Researchers find APT campaigns share known vulnerabilities

A study of several years of Advanced Persistent Threat (APT) campaigns suggests enterprise IT security admins should worry most about patching their systems for known vulnerabilities, rather than chasing a fix for every zero-day that emerges.

Researchers from the University of Trento in Italy worked on assessing what software strategy might best defend against APT – in particular, whether every patch should be applied as soon as it becomes available.

The good news for enterprise IT management is that a focus on known vulnerabilities is nearly as safe as trying to get every zero-day patched as soon as possible.

Publishing their work on the pre-print server arXiv, academics Giorgio Di Tizio, Michele Armellini, and Fabio Massacci note that “in practice, enterprises must do regression testing before applying an update” – and that means immediate patches are rarely possible.

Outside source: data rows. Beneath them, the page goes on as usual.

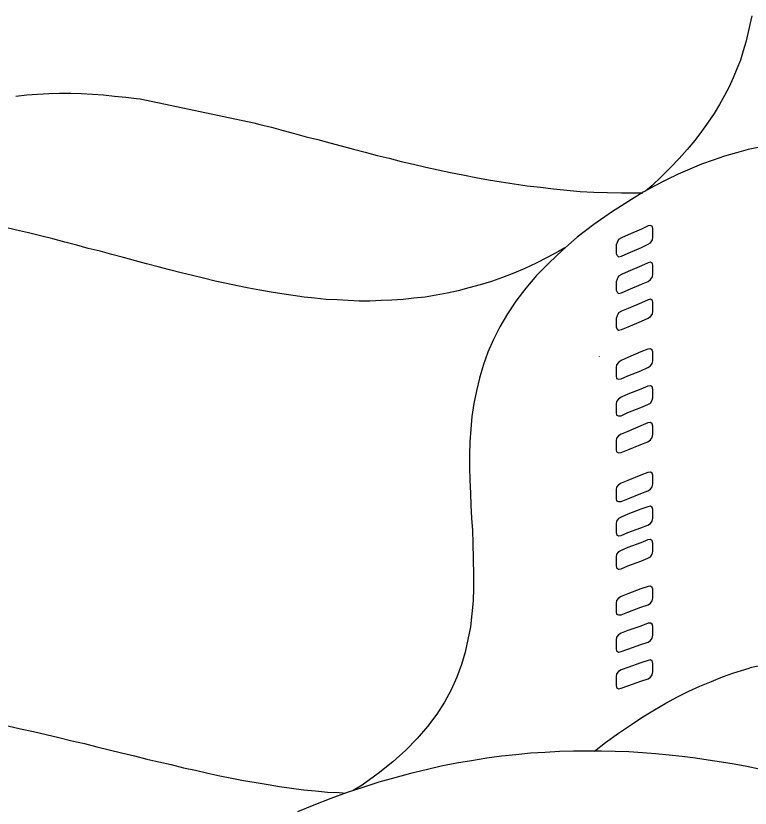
# Model space of a CAD drawing. Extents: x 638850 to 644908, y 297188 to 298900.
# Drawn here: x 639268.55 to 639296.96, y 297947.84 to 297978.51 of the extents above; entities that cross this region are included whole.
import ezdxf

# ---------------------------------------------------------------- set-up
doc = ezdxf.new("R2010")
doc.units = 0
for name, color, linetype in [('1', 7, 'Continuous'), ('16', 7, 'Continuous'), ('18', 7, 'Continuous'), ('2', 7, 'Continuous')]:
    doc.layers.add(name, color=color, linetype=linetype)

msp = doc.modelspace()

# ---------------------------------------------------------------- linework, layer by layer
at = {"layer": '1'}
msp.add_arc((639303.178, 297925.016), 28.925, 94.4334, 102.4037, dxfattribs=at)
at = {"layer": '16'}
msp.add_line((639291.131, 297965.306), (639291.131, 297965.326), dxfattribs=at)
for points in [[(639293.017, 297969.664), (639293.112, 297969.723), (639293.187, 297969.831), (639293.204, 297969.942), (639293.204, 297969.942), (639293.204, 297970.018), (639293.204, 297970.188), (639293.204, 297970.266), (639293.204, 297970.266), (639293.187, 297970.358), (639293.112, 297970.387), (639293.017, 297970.374), (639293.017, 297970.374), (639292.755, 297970.25), (639292.245, 297970.034), (639291.983, 297969.91), (639291.983, 297969.91), (639291.875, 297969.847), (639291.813, 297969.739), (639291.783, 297969.648), (639291.783, 297969.648), (639291.783, 297969.556), (639291.783, 297969.399), (639291.783, 297969.307), (639291.783, 297969.307), (639291.813, 297969.229), (639291.875, 297969.183), (639291.983, 297969.199), (639291.983, 297969.199), (639292.245, 297969.324), (639292.755, 297969.54), (639293.017, 297969.664), (639293.017, 297969.664), (639293.017, 297969.664)], [(639293.017, 297968.227), (639293.112, 297968.303), (639293.187, 297968.398), (639293.204, 297968.506), (639293.204, 297968.506), (639293.204, 297968.581), (639293.204, 297968.751), (639293.204, 297968.843), (639293.204, 297968.843), (639293.187, 297968.921), (639293.112, 297968.967), (639293.017, 297968.951), (639293.017, 297968.951), (639292.755, 297968.83), (639292.245, 297968.614), (639291.983, 297968.489), (639291.983, 297968.489), (639291.875, 297968.427), (639291.813, 297968.319), (639291.783, 297968.211), (639291.783, 297968.211), (639291.783, 297968.133), (639291.783, 297967.979), (639291.783, 297967.887), (639291.783, 297967.887), (639291.813, 297967.809), (639291.875, 297967.763), (639291.983, 297967.779), (639291.983, 297967.779), (639292.245, 297967.903), (639292.755, 297968.119), (639293.017, 297968.227), (639293.017, 297968.227), (639293.017, 297968.227)], [(639293.017, 297966.807), (639293.112, 297966.869), (639293.187, 297966.961), (639293.204, 297967.069), (639293.204, 297967.069), (639293.204, 297967.161), (639293.204, 297967.318), (639293.204, 297967.409), (639293.204, 297967.409), (639293.187, 297967.488), (639293.112, 297967.534), (639293.017, 297967.517), (639293.017, 297967.517), (639292.755, 297967.393), (639292.245, 297967.177), (639291.983, 297967.069), (639291.983, 297967.069), (639291.875, 297967.007), (639291.813, 297966.899), (639291.783, 297966.791), (639291.783, 297966.791), (639291.783, 297966.715), (639291.783, 297966.559), (639291.783, 297966.467), (639291.783, 297966.467), (639291.813, 297966.375), (639291.875, 297966.343), (639291.983, 297966.359), (639291.983, 297966.359), (639292.245, 297966.467), (639292.755, 297966.683), (639293.017, 297966.807), (639293.017, 297966.807), (639293.017, 297966.807)], [(639293.004, 297964.893), (639293.112, 297964.955), (639293.174, 297965.047), (639293.204, 297965.155), (639293.204, 297965.155), (639293.204, 297965.247), (639293.204, 297965.401), (639293.204, 297965.495), (639293.204, 297965.495), (639293.174, 297965.571), (639293.112, 297965.619), (639293.004, 297965.603), (639293.004, 297965.603), (639292.739, 297965.495), (639292.232, 297965.279), (639291.967, 297965.171), (639291.967, 297965.171), (639291.875, 297965.093), (639291.797, 297965.001), (639291.783, 297964.893), (639291.783, 297964.893), (639291.783, 297964.815), (639291.783, 297964.645), (639291.783, 297964.569), (639291.783, 297964.569), (639291.797, 297964.474), (639291.875, 297964.445), (639291.967, 297964.461), (639291.967, 297964.461), (639292.232, 297964.569), (639292.739, 297964.769), (639293.004, 297964.893), (639293.004, 297964.893), (639293.004, 297964.893)], [(639293.004, 297963.457), (639293.112, 297963.519), (639293.174, 297963.627), (639293.204, 297963.718), (639293.204, 297963.718), (639293.204, 297963.81), (639293.204, 297963.964), (639293.204, 297964.059), (639293.204, 297964.059), (639293.174, 297964.15), (639293.112, 297964.183), (639293.004, 297964.167), (639293.004, 297964.167), (639292.739, 297964.059), (639292.232, 297963.856), (639291.967, 297963.748), (639291.967, 297963.748), (639291.875, 297963.673), (639291.797, 297963.578), (639291.783, 297963.47), (639291.783, 297963.47), (639291.783, 297963.394), (639291.783, 297963.224), (639291.783, 297963.146), (639291.783, 297963.146), (639291.797, 297963.054), (639291.875, 297963.025), (639291.967, 297963.025), (639291.967, 297963.025), (639292.232, 297963.146), (639292.739, 297963.349), (639293.004, 297963.457), (639293.004, 297963.457), (639293.004, 297963.457)], [(639293.004, 297962.02), (639293.112, 297962.096), (639293.174, 297962.19), (639293.204, 297962.298), (639293.204, 297962.298), (639293.204, 297962.374), (639293.204, 297962.544), (639293.204, 297962.622), (639293.204, 297962.622), (639293.174, 297962.714), (639293.112, 297962.76), (639293.004, 297962.746), (639293.004, 297962.746), (639292.739, 297962.638), (639292.232, 297962.42), (639291.967, 297962.312), (639291.967, 297962.312), (639291.875, 297962.252), (639291.797, 297962.158), (639291.783, 297962.05), (639291.783, 297962.05), (639291.783, 297961.974), (639291.783, 297961.804), (639291.783, 297961.726), (639291.783, 297961.726), (639291.797, 297961.634), (639291.875, 297961.588), (639291.967, 297961.602), (639291.967, 297961.602), (639292.232, 297961.71), (639292.739, 297961.912), (639293.004, 297962.02), (639293.004, 297962.02), (639293.004, 297962.02)], [(639293.004, 297960.119), (639293.112, 297960.181), (639293.174, 297960.273), (639293.204, 297960.381), (639293.204, 297960.381), (639293.204, 297960.476), (639293.204, 297960.63), (639293.204, 297960.721), (639293.204, 297960.721), (639293.174, 297960.8), (639293.112, 297960.846), (639293.004, 297960.829), (639293.004, 297960.829), (639292.739, 297960.721), (639292.232, 297960.522), (639291.967, 297960.414), (639291.967, 297960.414), (639291.875, 297960.352), (639291.797, 297960.26), (639291.783, 297960.152), (639291.783, 297960.152), (639291.783, 297960.073), (639291.783, 297959.903), (639291.783, 297959.828), (639291.783, 297959.828), (639291.797, 297959.733), (639291.875, 297959.704), (639291.967, 297959.704), (639291.967, 297959.704), (639292.232, 297959.812), (639292.739, 297960.011), (639293.004, 297960.119), (639293.004, 297960.119), (639293.004, 297960.119)], [(639293.004, 297958.795), (639293.112, 297958.857), (639293.174, 297958.948), (639293.204, 297959.056), (639293.204, 297959.056), (639293.204, 297959.151), (639293.204, 297959.305), (639293.204, 297959.397), (639293.204, 297959.397), (639293.174, 297959.475), (639293.112, 297959.521), (639293.004, 297959.505), (639293.004, 297959.505), (639292.739, 297959.413), (639292.232, 297959.213), (639291.967, 297959.105), (639291.967, 297959.105), (639291.875, 297959.043), (639291.797, 297958.948), (639291.783, 297958.84), (639291.783, 297958.84), (639291.783, 297958.765), (639291.783, 297958.595), (639291.783, 297958.516), (639291.783, 297958.516), (639291.797, 297958.425), (639291.875, 297958.379), (639291.967, 297958.395), (639291.967, 297958.395), (639292.232, 297958.503), (639292.739, 297958.687), (639293.004, 297958.795), (639293.004, 297958.795), (639293.004, 297958.795)], [(639293.004, 297957.508), (639293.112, 297957.57), (639293.174, 297957.662), (639293.204, 297957.77), (639293.204, 297957.77), (639293.204, 297957.848), (639293.204, 297958.019), (639293.204, 297958.094), (639293.204, 297958.094), (639293.174, 297958.189), (639293.112, 297958.235), (639293.004, 297958.218), (639293.004, 297958.218), (639292.739, 297958.11), (639292.232, 297957.924), (639291.967, 297957.816), (639291.967, 297957.816), (639291.875, 297957.757), (639291.797, 297957.662), (639291.783, 297957.554), (639291.783, 297957.554), (639291.783, 297957.479), (639291.783, 297957.308), (639291.783, 297957.23), (639291.783, 297957.23), (639291.797, 297957.138), (639291.875, 297957.092), (639291.967, 297957.106), (639291.967, 297957.106), (639292.232, 297957.214), (639292.739, 297957.4), (639293.004, 297957.508), (639293.004, 297957.508), (639293.004, 297957.508)], [(639293.017, 297955.706), (639293.112, 297955.768), (639293.174, 297955.859), (639293.204, 297955.967), (639293.204, 297955.967), (639293.204, 297956.059), (639293.204, 297956.213), (639293.204, 297956.308), (639293.204, 297956.308), (639293.174, 297956.383), (639293.112, 297956.432), (639293.017, 297956.416), (639293.017, 297956.416), (639292.739, 297956.324), (639292.232, 297956.138), (639291.967, 297956.03), (639291.967, 297956.03), (639291.875, 297955.967), (639291.797, 297955.876), (639291.783, 297955.768), (639291.783, 297955.768), (639291.783, 297955.689), (639291.783, 297955.535), (639291.783, 297955.441), (639291.783, 297955.441), (639291.797, 297955.349), (639291.875, 297955.319), (639291.967, 297955.319), (639291.967, 297955.319), (639292.232, 297955.427), (639292.739, 297955.611), (639293.017, 297955.706), (639293.017, 297955.706), (639293.017, 297955.706)], [(639293.017, 297954.266), (639293.112, 297954.329), (639293.171, 297954.42), (639293.204, 297954.528), (639293.204, 297954.528), (639293.204, 297954.623), (639293.204, 297954.777), (639293.204, 297954.869), (639293.204, 297954.869), (639293.171, 297954.963), (639293.112, 297954.993), (639293.017, 297954.993), (639293.017, 297954.993), (639292.739, 297954.885), (639292.232, 297954.715), (639291.967, 297954.607), (639291.967, 297954.607), (639291.875, 297954.545), (639291.797, 297954.453), (639291.783, 297954.345), (639291.783, 297954.345), (639291.783, 297954.266), (639291.783, 297954.096), (639291.783, 297954.021), (639291.783, 297954.021), (639291.797, 297953.926), (639291.875, 297953.88), (639291.967, 297953.897), (639291.967, 297953.897), (639292.232, 297953.988), (639292.739, 297954.175), (639293.017, 297954.266), (639293.017, 297954.266), (639293.017, 297954.266)], [(639293.017, 297952.846), (639293.112, 297952.908), (639293.171, 297953), (639293.204, 297953.108), (639293.204, 297953.108), (639293.204, 297953.186), (639293.204, 297953.357), (639293.204, 297953.432), (639293.204, 297953.432), (639293.171, 297953.527), (639293.112, 297953.573), (639293.017, 297953.556), (639293.017, 297953.556), (639292.739, 297953.465), (639292.232, 297953.278), (639291.967, 297953.186), (639291.967, 297953.186), (639291.875, 297953.124), (639291.797, 297953.033), (639291.783, 297952.925), (639291.783, 297952.925), (639291.783, 297952.846), (639291.783, 297952.676), (639291.783, 297952.598), (639291.783, 297952.598), (639291.797, 297952.506), (639291.875, 297952.46), (639291.967, 297952.476), (639291.967, 297952.476), (639292.232, 297952.568), (639292.739, 297952.754), (639293.017, 297952.846), (639293.017, 297952.846), (639293.017, 297952.846)]]:
    msp.add_lwpolyline(points, dxfattribs=at)
at = {"layer": '18'}
for p, q in [((639291.826, 297955.478), (639291.826, 297955.478)), ((639292.452, 297955.121), (639292.452, 297955.121))]:
    msp.add_line(p, q, dxfattribs=at)
at = {"layer": '2'}
for p, q in [((639297.035, 297978.508), (639296.958, 297978.168)), ((639296.958, 297978.168), (639296.879, 297977.828)), ((639296.879, 297977.828), (639296.803, 297977.488)), ((639296.803, 297977.488), (639296.693, 297977.151)), ((639296.693, 297977.151), (639296.587, 297976.793)), ((639296.587, 297976.793), (639296.447, 297976.453)), ((639296.447, 297976.453), (639296.31, 297976.114)), ((639296.31, 297976.114), (639296.155, 297975.76)), ((639296.155, 297975.76), (639295.968, 297975.421)), ((639273.366, 297975.291), (639277.758, 297974.365)), ((639295.968, 297975.421), (639295.784, 297975.079)), ((639295.784, 297975.079), (639295.568, 297974.723)), ((639295.568, 297974.723), (639295.334, 297974.386)), ((639295.334, 297974.386), (639295.088, 297974.03)), ((639295.088, 297974.03), (639294.827, 297973.688)), ((639294.827, 297973.688), (639294.533, 297973.335)), ((639294.533, 297973.335), (639294.224, 297972.979)), ((639294.224, 297972.979), (639293.885, 297972.64)), ((639293.885, 297972.64), (639293.529, 297972.284)), ((639293.529, 297972.284), (639293.158, 297971.929)), ((639293.158, 297971.929), (639292.91, 297971.726))]:
    msp.add_line(p, q, dxfattribs=at)
for points in [[(639268.543, 297975.403), (639268.975, 297975.452), (639269.391, 297975.481), (639269.823, 297975.497), (639270.242, 297975.511), (639270.674, 297975.511), (639271.088, 297975.497), (639271.52, 297975.481), (639271.938, 297975.452), (639272.37, 297975.403), (639272.802, 297975.358), (639273.218, 297975.313), (639273.366, 297975.291)], [(639277.758, 297974.365), (639277.993, 297974.307), (639278.441, 297974.199), (639278.888, 297974.075), (639279.336, 297973.951), (639279.786, 297973.828), (639280.234, 297973.722), (639280.695, 297973.598), (639281.143, 297973.472), (639281.609, 297973.348), (639282.07, 297973.227), (639282.533, 297973.103), (639282.995, 297972.995), (639283.46, 297972.871), (639283.937, 297972.763), (639284.417, 297972.655), (639284.896, 297972.547), (639285.375, 297972.439), (639285.852, 297972.347), (639286.347, 297972.255), (639286.84, 297972.16), (639287.335, 297972.082), (639287.832, 297972.007), (639288.338, 297971.929), (639288.849, 297971.87), (639289.36, 297971.807), (639289.866, 297971.758), (639290.393, 297971.713), (639290.917, 297971.683), (639291.443, 297971.668), (639291.983, 297971.65), (639292.523, 297971.65), (639292.816, 297971.65)], [(639297.336, 297973.425), (639296.886, 297973.333), (639296.438, 297973.209), (639295.977, 297973.072), (639295.529, 297972.916), (639295.082, 297972.763), (639294.632, 297972.577), (639294.184, 297972.376), (639293.723, 297972.158), (639293.275, 297971.929), (639292.827, 297971.681), (639292.377, 297971.402), (639292.377, 297971.402), (639292.377, 297971.402)], [(639292.377, 297971.401), (639291.605, 297970.907), (639290.911, 297970.429), (639290.277, 297969.935), (639289.704, 297969.441), (639289.181, 297968.947), (639288.703, 297968.453), (639288.284, 297967.959), (639287.898, 297967.465), (639287.574, 297966.971), (639287.28, 297966.474), (639287.034, 297965.98), (639286.818, 297965.486), (639286.632, 297964.978), (639286.494, 297964.484), (639286.37, 297963.99), (639286.278, 297963.496), (639286.2, 297962.999), (639286.154, 297962.505), (639286.121, 297962.011), (639286.108, 297961.517), (639286.108, 297961.022), (639286.121, 297960.528), (639286.138, 297960.034), (639286.154, 297959.556), (639286.184, 297959.062), (639286.216, 297958.584), (639286.229, 297958.09), (639286.229, 297958.09), (639286.262, 297956.87), (639286.262, 297956.87), (639286.262, 297956.36), (639286.246, 297955.865), (639286.2, 297955.355), (639286.138, 297954.861), (639286.046, 297954.367), (639285.938, 297953.873), (639285.797, 297953.395), (639285.614, 297952.901), (639285.398, 297952.42), (639285.133, 297951.942), (639284.842, 297951.478), (639284.485, 297951), (639284.083, 297950.536), (639283.635, 297950.074), (639283.141, 297949.626), (639282.571, 297949.178), (639281.953, 297948.729), (639281.607, 297948.516)], [(639289.799, 297969.523), (639289.542, 297969.379), (639289.11, 297969.15), (639288.678, 297968.932), (639288.246, 297968.731), (639287.814, 297968.549), (639287.382, 297968.376), (639286.95, 297968.225), (639286.516, 297968.099), (639286.084, 297967.975), (639285.668, 297967.867), (639285.236, 297967.775), (639284.817, 297967.699), (639284.385, 297967.62), (639283.953, 297967.573), (639283.535, 297967.528), (639283.103, 297967.496), (639282.684, 297967.483), (639282.252, 297967.465), (639281.838, 297967.465), (639281.406, 297967.483), (639280.988, 297967.512), (639280.556, 297967.528), (639280.124, 297967.573), (639279.707, 297967.62), (639279.275, 297967.681), (639278.843, 297967.744), (639278.425, 297967.807), (639277.993, 297967.883), (639277.561, 297967.96), (639277.129, 297968.052), (639276.697, 297968.146), (639276.263, 297968.239), (639275.813, 297968.347), (639275.381, 297968.455), (639274.949, 297968.563), (639274.501, 297968.673), (639274.053, 297968.794), (639273.605, 297968.902), (639273.173, 297969.026), (639272.712, 297969.15), (639272.262, 297969.271), (639271.814, 297969.395), (639271.351, 297969.503), (639270.903, 297969.629), (639270.44, 297969.751), (639269.976, 297969.874), (639269.499, 297969.985), (639269.033, 297970.106), (639268.572, 297970.214), (639268.095, 297970.322)], [(639290.946, 297950.042), (639291.373, 297950.382), (639291.867, 297950.738), (639292.377, 297951.078), (639292.377, 297951.078), (639292.809, 297951.37), (639293.258, 297951.648), (639293.706, 297951.896), (639294.154, 297952.142), (639294.586, 297952.358), (639295.018, 297952.561), (639295.466, 297952.744), (639295.898, 297952.914), (639296.33, 297953.071), (639296.762, 297953.209), (639296.965, 297953.265)], [(639268.239, 297951.017), (639268.734, 297950.907), (639269.229, 297950.801), (639269.722, 297950.693), (639270.217, 297950.569), (639270.71, 297950.446), (639271.205, 297950.338), (639271.682, 297950.212), (639272.161, 297950.088), (639272.64, 297949.98), (639273.135, 297949.858), (639273.612, 297949.735), (639274.078, 297949.627), (639274.555, 297949.519), (639275.036, 297949.397), (639275.498, 297949.303), (639275.979, 297949.195), (639276.44, 297949.087), (639276.904, 297948.994), (639277.365, 297948.9), (639277.847, 297948.826), (639278.308, 297948.747), (639278.756, 297948.668), (639279.221, 297948.605), (639279.683, 297948.547), (639280.146, 297948.502), (639280.61, 297948.452), (639281.057, 297948.439), (639281.318, 297948.421)], [(639297.318, 297949.348), (639296.841, 297949.442), (639296.346, 297949.532), (639295.853, 297949.611), (639295.343, 297949.69), (639294.848, 297949.766), (639294.339, 297949.829), (639293.828, 297949.888), (639293.304, 297949.935), (639292.793, 297949.98), (639292.269, 297950.014), (639291.747, 297950.027), (639291.203, 297950.043), (639290.663, 297950.043), (639290.123, 297950.043), (639289.583, 297950.027), (639289.027, 297949.996), (639288.471, 297949.966), (639287.9, 297949.906), (639287.342, 297949.843), (639286.772, 297949.766), (639286.185, 297949.672), (639285.598, 297949.582), (639285.013, 297949.456), (639284.423, 297949.318), (639283.823, 297949.179), (639283.22, 297949.008), (639282.601, 297948.839), (639281.982, 297948.639), (639281.368, 297948.439), (639280.733, 297948.205), (639280.085, 297947.957), (639279.451, 297947.696)]]:
    msp.add_lwpolyline(points, dxfattribs=at)

doc.saveas('drawing.dxf')

The researchers quantified the impact of 86 APTs and 350 attack campaigns from 2008 to 2020, and found the majority of campaigns try to exploit known vulnerabilities.

Of the 86 APTs they examined, only eight – known respectively as Stealth Falcon, APT17, Equation, Dragonfly, Elderwood, FIN8, DarkHydrus and Rancor – exploited CVEs not used by anybody else. 

Other actors tend to share vulnerabilities: 17 APT groups shared four or more vulnerabilities, the researchers found, and overall 35 percent of APTs shared at least one CVE.

That focus on known vulnerabilities means “one could perform 12 percent of all possible updates restricting oneself only to versions fixing publicly known vulnerabilities without significant changes to the odds of being compromised, compared to a company that updates for all versions”, the paper stated.

They found that enterprises following an immediate patch strategy “could still be compromised from 14 percent to 33 percent of the time”.